In case you are like me, and have no sense of medical emergency, that is a serious infection.

I have had two butt shots, an X-ray, five days out of ten of courses of two different antibiotics, and I just had a CT scan.

Edit: Btw, it looks a lot better now. Most of the swelling is gone, and almost all of the redness. CT scan results came back, the knuckle is good, no deeper infection. :)

[–] fuckwit_mcbumcrumble@lemmy.dbzer0.com 6 points 13 hours ago (1 children)

Did you never attempt to wash it out after getting bitten? Any time you puncture skin you should wash it.

[–] hperrin@lemmy.ca 9 points 13 hours ago* (last edited 13 hours ago) (1 children)

I washed it thoroughly, cleaned it with hydrogen peroxide, applied Neosporin, bandaged it, then went to urgent care, where they washed it again and prescribed me Augmentin. And even after all that, that’s how my hand looked the next day!

[–] Artafernes@lemmus.org 1 points 7 hours ago

Ileven after all that you hand is like this than l am so cooked

[–] lime@feddit.nu 21 points 16 hours ago

you know when you see one of those dashcam videos where some idiot has run over a sign or a bollard or whatever and just kept driving with the thing stuck to the car, throwing sparks everywhere and making a big rip in the asphalt behind them?

100 horsepower is a lot.

[–] kboos1@lemmy.world 18 points 15 hours ago* (last edited 15 hours ago) (1 children)

Little addictions.

Addiction is a real problem and incredibly hard to diagnose. I'm not talking about drugs, I'm talking about those little additions that subtly sublimely control nearly every decision in your life. Addiction to caffeine, sugar, social media, TV, driving too fast, being an asshole, being a complainer, etc.

There's a lot of reasons why we do what we do or why we think we do them but for the most part it's about chasing those bits of dopamine. But chasing them can lead to some very destructive behaviors.

[–] fizzle@quokk.au 5 points 12 hours ago

I think im "addicted" to all of these things.

Although im not a complainer.

Also try not to be an asshole but im sure someone thinks i am.
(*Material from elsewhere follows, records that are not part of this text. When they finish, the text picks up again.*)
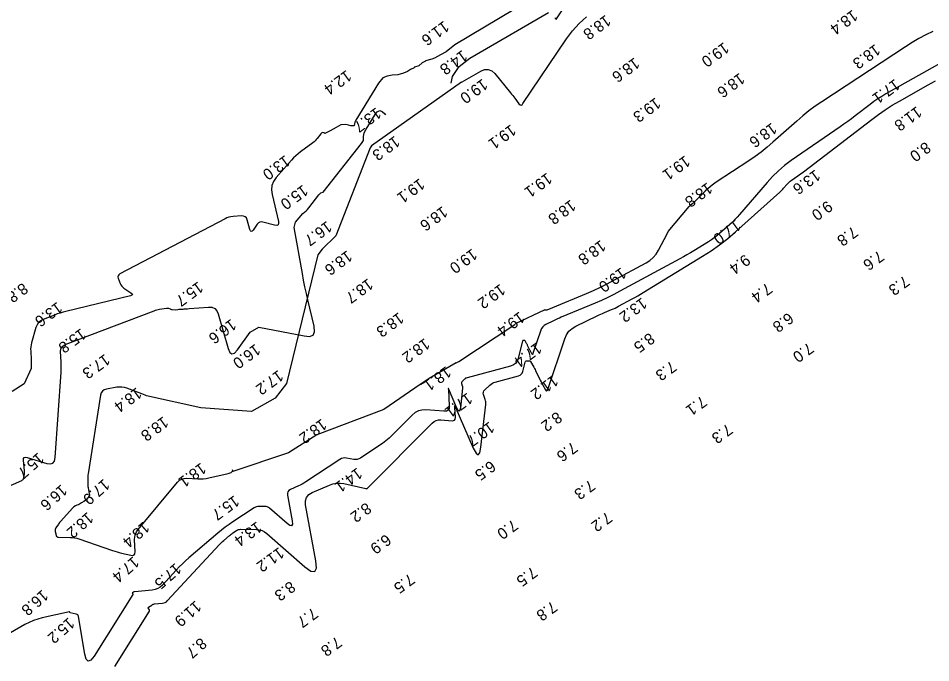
# Model space of a CAD drawing. Extents: x 824616 to 827440, y 158441 to 163197.
# Drawn here: x 825792.9 to 826199.3, y 159276.7 to 159563.5 of the extents above; entities that cross this region are included whole.
import ezdxf

# ---------------------------------------------------------------- set-up
doc = ezdxf.new("R2010")
doc.units = 0
for name, color, linetype in [('V-CHAN-CONT-EL14', 7, 'Continuous'), ('V-CHAN-CONT-EL16', 7, 'Continuous'), ('V-CHAN-CONT-EL18', 7, 'Continuous'), ('V-TOPO-SOUN', 7, 'Continuous')]:
    doc.layers.add(name, color=color, linetype=linetype)

msp = doc.modelspace()

# ---------------------------------------------------------------- linework, layer by layer
at = {"layer": 'V-CHAN-CONT-EL14'}
for points in [[(826013.71, 159567.36), (825987.36, 159551.67), (825983.43, 159548.57), (825981.02, 159547.23), (825979.59, 159546.5), (825978.35, 159545.74), (825977.08, 159545.37), (825974.32, 159544.63), (825974.34, 159544.36), (825972.76, 159543.67), (825971.35, 159542.4), (825969.32, 159541.75), (825969.24, 159541.53), (825967.6, 159540.72), (825966.32, 159539.89), (825964.52, 159539.13), (825961.94, 159538.36), (825959.37, 159538.16), (825957.28, 159537.82), (825955.28, 159536.97), (825953.37, 159534.66), (825943.28, 159518.21), (825942.85, 159517.32), (825942.63, 159516.42), (825942.61, 159516.18), (825942.57, 159515.99), (825942.51, 159515.83), (825942.35, 159515.71), (825942.05, 159515.63), (825941.67, 159515.58), (825940.99, 159515.66), (825940, 159516), (825938.85, 159516.3), (825936.61, 159516.12), (825934.55, 159514.97), (825931.88, 159513.39), (825929.43, 159512.2), (825928.99, 159512.58), (825928.55, 159512.69), (825928.13, 159512.55), (825927.71, 159512.14), (825926.06, 159510.01), (825925.63, 159509.49), (825925.17, 159509.01), (825924.67, 159508.56), (825924.15, 159508.14), (825918.64, 159504.07), (825917.57, 159503.24), (825916.55, 159502.34), (825915.57, 159501.4), (825914.65, 159500.4), (825907.83, 159492.63), (825906.63, 159490.93), (825905.92, 159489.11), (825905.7, 159487.18), (825905.96, 159485.12), (825908.8, 159473.1), (825908.89, 159472.15), (825908.64, 159471.55), (825908.03, 159471.31), (825907.08, 159471.42), (825901.86, 159472.79), (825901.12, 159472.89), (825900.46, 159472.77), (825899.88, 159472.44), (825899.37, 159471.89), (825897.5, 159469.26), (825897.06, 159468.78), (825896.69, 159468.67), (825896.37, 159468.9), (825896.12, 159469.5), (825894.86, 159473.87), (825894.51, 159474.67), (825893.98, 159475.21), (825893.29, 159475.51), (825892.42, 159475.57), (825888.61, 159475.3), (825887.67, 159475.18), (825886.76, 159474.97), (825885.87, 159474.67), (825885.01, 159474.27), (825838.16, 159449.73), (825837.68, 159449.39), (825837.4, 159448.96), (825837.33, 159448.46), (825837.46, 159447.88), (825838.39, 159445.41), (825838.66, 159444.83), (825839.01, 159444.3), (825839.44, 159443.84), (825839.96, 159443.45), (825843.11, 159441.36), (825843.62, 159440.92), (825843.76, 159440.56), (825843.51, 159440.25), (825842.87, 159440.02), (825814.2, 159433.05), (825812.9, 159432.71), (825811.62, 159432.33), (825810.34, 159431.91), (825809.08, 159431.45), (825804.07, 159429.51), (825802.93, 159428.93), (825802, 159428.14), (825801.3, 159427.15), (825800.83, 159425.96), (825798.89, 159419.14), (825798.67, 159418.2), (825798.52, 159417.26), (825798.46, 159416.3), (825798.47, 159415.34), (825798.69, 159411.46), (825798.73, 159410.5), (825798.74, 159409.53), (825798.72, 159408.56), (825798.67, 159407.59), (825795.5, 159400.82), (825790.27, 159397.45)], [(825835.93, 159275.06), (825851.33, 159299.67), (825851.4, 159299.82), (825851.43, 159299.97), (825851.4, 159300.13), (825851.32, 159300.27), (825850.91, 159300.87), (825850.83, 159301.01), (825850.83, 159301.15), (825850.88, 159301.27), (825850.99, 159301.38), (825852.4, 159302.39), (825852.69, 159302.57), (825853, 159302.71), (825853.32, 159302.8), (825853.66, 159302.86), (825857.11, 159303.18), (825857.77, 159303.3), (825858.38, 159303.54), (825858.93, 159303.88), (825859.43, 159304.33), (825882.36, 159329.15), (825882.86, 159329.67), (825883.38, 159330.18), (825883.91, 159330.67), (825884.45, 159331.15), (825887.02, 159333.34), (825887.39, 159333.65), (825887.78, 159333.94), (825888.16, 159334.23), (825888.56, 159334.5), (825890.17, 159335.56), (825890.59, 159335.79), (825891.02, 159335.96), (825891.47, 159336.05), (825891.94, 159336.08), (825898.98, 159336), (825900.27, 159335.88), (825901.48, 159335.54), (825902.61, 159334.99), (825903.65, 159334.22), (825920.6, 159319.39), (825923.27, 159317.49), (825924.97, 159317.31), (825925.68, 159318.85), (825925.42, 159322.12), (825920.9, 159347.03), (825920.82, 159348.81), (825921.28, 159350.31), (825922.27, 159351.52), (825923.8, 159352.45), (825931.48, 159355.79), (825933.04, 159356.33), (825934.64, 159356.62), (825936.26, 159356.64), (825937.9, 159356.41), (825947.77, 159354.23), (825947.81, 159354.22), (825947.85, 159354.21), (825947.89, 159354.2), (825947.93, 159354.19), (825948.18, 159354.15), (825948.18, 159354.15), (825948.18, 159354.15), (825948.18, 159354.15), (825948.19, 159354.15), (825948.2, 159354.16), (825948.2, 159354.16), (825977.32, 159383.38), (825978.13, 159384.05), (825979.03, 159384.51), (825980.01, 159384.75), (825981.07, 159384.78), (825986.12, 159384.41), (825986.79, 159384.45), (825987.26, 159384.71), (825987.53, 159385.17), (825987.59, 159385.85), (825987.34, 159390.33), (825987.34, 159390.42), (825987.33, 159390.52), (825987.33, 159390.61), (825987.32, 159390.7), (825987.3, 159391.07), (825987.3, 159391.14), (825987.31, 159391.16), (825987.33, 159391.14), (825987.36, 159391.08), (825995.56, 159372.19), (825996.78, 159369.91), (825997.76, 159369.23), (825998.49, 159370.16), (825998.98, 159372.71), (826001.07, 159391.61), (826001.1, 159392.19), (826001.08, 159392.76), (826000.99, 159393.33), (826000.84, 159393.9), (826000.12, 159396.14), (826000.02, 159396.68), (826000.07, 159397.18), (826000.27, 159397.64), (826000.62, 159398.07), (826002.92, 159400.24), (826003.47, 159400.69), (826004.06, 159401.07), (826004.69, 159401.38), (826005.37, 159401.6), (826015.67, 159404.36), (826016.38, 159404.64), (826016.94, 159405.07), (826017.36, 159405.63), (826017.63, 159406.34), (826018.7, 159410.53), (826018.78, 159410.74), (826018.92, 159410.9), (826019.1, 159411), (826019.32, 159411.04), (826020.32, 159411.1), (826020.56, 159411.09), (826020.76, 159411.02), (826020.93, 159410.89), (826021.07, 159410.7), (826022.5, 159408.17), (826022.77, 159407.67), (826023.04, 159407.17), (826023.3, 159406.66), (826023.56, 159406.15), (826025.1, 159403.01), (826025.4, 159402.39), (826025.71, 159401.79), (826026.02, 159401.18), (826026.34, 159400.58), (826027.64, 159398.18), (826027.95, 159397.74), (826028.23, 159397.61), (826028.48, 159397.79), (826028.71, 159398.28), (826036.27, 159420.84), (826037.07, 159422.65), (826038.17, 159424.2), (826039.56, 159425.48), (826041.26, 159426.51), (826050.75, 159431.09), (826051.54, 159431.46), (826052.33, 159431.82), (826053.12, 159432.17), (826053.92, 159432.52), (826057.13, 159433.85), (826057.93, 159434.2), (826058.72, 159434.56), (826059.5, 159434.95), (826060.27, 159435.35), (826066.28, 159438.61), (826067.54, 159439.3), (826068.78, 159440), (826070.01, 159440.72), (826071.24, 159441.46), (826097.63, 159457.6), (826101.5, 159460.08), (826105.24, 159462.74), (826108.86, 159465.55), (826112.35, 159468.54), (826132.04, 159486.13), (826132.48, 159486.54), (826132.92, 159486.97), (826133.34, 159487.41), (826133.74, 159487.86), (826135.33, 159489.71), (826135.74, 159490.16), (826136.17, 159490.58), (826136.63, 159490.97), (826137.12, 159491.33), (826140.02, 159493.33), (826140.66, 159493.78), (826141.31, 159494.24), (826141.94, 159494.71), (826142.57, 159495.18), (826172.98, 159518.53), (826175.95, 159520.73), (826178.99, 159522.82), (826182.1, 159524.8), (826185.28, 159526.67), (826198.15, 159533.93), (826201.38, 159535.74)]]:
    msp.add_lwpolyline(points, dxfattribs=at)
at = {"layer": 'V-CHAN-CONT-EL16'}
for points in [[(826031.92, 159563.69), (826032.27, 159563.21), (826032.36, 159563.12), (826032.45, 159563.09), (826032.54, 159563.12), (826032.62, 159563.22), (826036.19, 159568.54)], [(825985.65, 159534.6), (825986.29, 159537.62), (825989.25, 159542.11), (825994.07, 159545.82), (826028.98, 159566.02)], [(826224.18, 159555.16), (826179.28, 159529.82), (826177.47, 159528.75), (826175.7, 159527.63), (826173.98, 159526.44), (826172.29, 159525.2), (826165.64, 159520.09), (826163.96, 159518.82), (826162.27, 159517.57), (826160.57, 159516.35), (826158.85, 159515.15), (826137.13, 159500.17), (826134.2, 159498.01), (826131.43, 159495.67), (826128.81, 159493.16), (826126.36, 159490.47), (826114.07, 159476.15), (826113.06, 159475.01), (826112, 159473.9), (826110.91, 159472.82), (826109.79, 159471.78), (826105.21, 159467.69), (826104.05, 159466.7), (826102.84, 159465.76), (826101.59, 159464.87), (826100.3, 159464.05), (826093.75, 159460.04), (826092.22, 159459.11), (826090.67, 159458.21), (826089.11, 159457.33), (826087.54, 159456.46), (826060.84, 159442), (826058.15, 159440.59), (826055.42, 159439.24), (826052.66, 159437.97), (826049.87, 159436.76), (826034.76, 159430.46), (826033.89, 159430.09), (826033.03, 159429.71), (826032.17, 159429.32), (826031.32, 159428.91), (826027.92, 159427.27), (826027.14, 159426.8), (826026.49, 159426.21), (826025.99, 159425.5), (826025.62, 159424.66), (826022.13, 159414.26), (826022.03, 159414.03), (826021.91, 159413.95), (826021.78, 159414.01), (826021.64, 159414.21), (826021.04, 159415.32), (826020.89, 159415.6), (826020.75, 159415.87), (826020.61, 159416.15), (826020.47, 159416.44), (826019.76, 159417.89), (826019.64, 159418.12), (826019.52, 159418.36), (826019.4, 159418.59), (826019.27, 159418.82), (826018.61, 159419.98), (826018.54, 159420.07), (826018.47, 159420.13), (826018.37, 159420.16), (826018.26, 159420.17), (826017.8, 159420.14), (826017.7, 159420.12), (826017.62, 159420.08), (826017.55, 159420), (826017.52, 159419.9), (826015.52, 159412.12), (826015.06, 159410.9), (826014.35, 159409.93), (826013.39, 159409.21), (826012.18, 159408.73), (825992.76, 159403.53), (825992.45, 159403.42), (825992.15, 159403.28), (825991.88, 159403.11), (825991.63, 159402.9), (825990.57, 159401.9), (825990.41, 159401.7), (825990.32, 159401.49), (825990.29, 159401.26), (825990.34, 159401.01), (825990.67, 159399.97), (825990.74, 159399.72), (825990.78, 159399.45), (825990.79, 159399.19), (825990.78, 159398.92), (825989.82, 159390.21), (825989.59, 159389.04), (825989.25, 159388.61), (825988.8, 159388.92), (825988.24, 159389.97), (825984.46, 159398.68), (825984.44, 159398.71), (825984.43, 159398.72), (825984.43, 159398.7), (825984.43, 159398.67), (825984.44, 159398.5), (825984.44, 159398.46), (825984.45, 159398.42), (825984.45, 159398.37), (825984.45, 159398.33), (825984.85, 159390.92), (825984.75, 159389.84), (825984.33, 159389.09), (825983.57, 159388.68), (825982.49, 159388.6), (825974.39, 159389.2), (825972.69, 159389.16), (825971.11, 159388.77), (825969.67, 159388.03), (825968.35, 159386.95), (825959.42, 159377.98), (825958.04, 159376.67), (825956.6, 159375.43), (825955.09, 159374.26), (825953.53, 159373.17), (825945.31, 159367.76), (825944.61, 159367.39), (825943.89, 159367.16), (825943.13, 159367.09), (825942.35, 159367.17), (825939.15, 159367.78), (825938.36, 159367.86), (825937.61, 159367.78), (825936.88, 159367.56), (825936.19, 159367.19), (825920.97, 159357.16), (825920.17, 159356.66), (825919.35, 159356.19), (825918.51, 159355.76), (825917.66, 159355.37), (825914.2, 159353.86), (825913.46, 159353.41), (825912.98, 159352.83), (825912.76, 159352.11), (825912.8, 159351.25), (825914.87, 159339.86), (825914.99, 159338.36), (825914.66, 159337.65), (825913.88, 159337.73), (825912.65, 159338.6), (825904.84, 159345.43), (825904.36, 159345.79), (825903.84, 159346.04), (825903.29, 159346.2), (825902.69, 159346.25), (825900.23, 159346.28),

[–] Nomad 2 points 11 hours ago

Climate change, ~~dumb~~simple people in a complex world, anti vaxxers.

[–] ace_garp@lemmy.world 4 points 13 hours ago (2 children)

Cows

Bougainvillea

Household ladders

Vending machines

[–] I_Fart_Glitter@lemmy.world 2 points 12 hours ago (2 children)

What does the bougainvillea do…?

[–] atx_aquarian@lemmy.world 3 points 12 hours ago

It's sharp with surprisingly sturdy spines.

[–] ace_garp@lemmy.world 2 points 11 hours ago

Slice and dice.

[–] PrincessCory@lemmy.wtf 1 points 10 hours ago

I dont know, a train was much smaller treth until it came closer :O

[–] Iconoclast@feddit.uk -3 points 7 hours ago (1 children)

Population decline is going to be a massive problem in the not too far future yet hardly anyone is talking about it.

[–] ArseAssassin@sopuli.xyz 6 points 7 hours ago (1 children)

I don't know, guys like Elon Musk can't seem to shut up about it.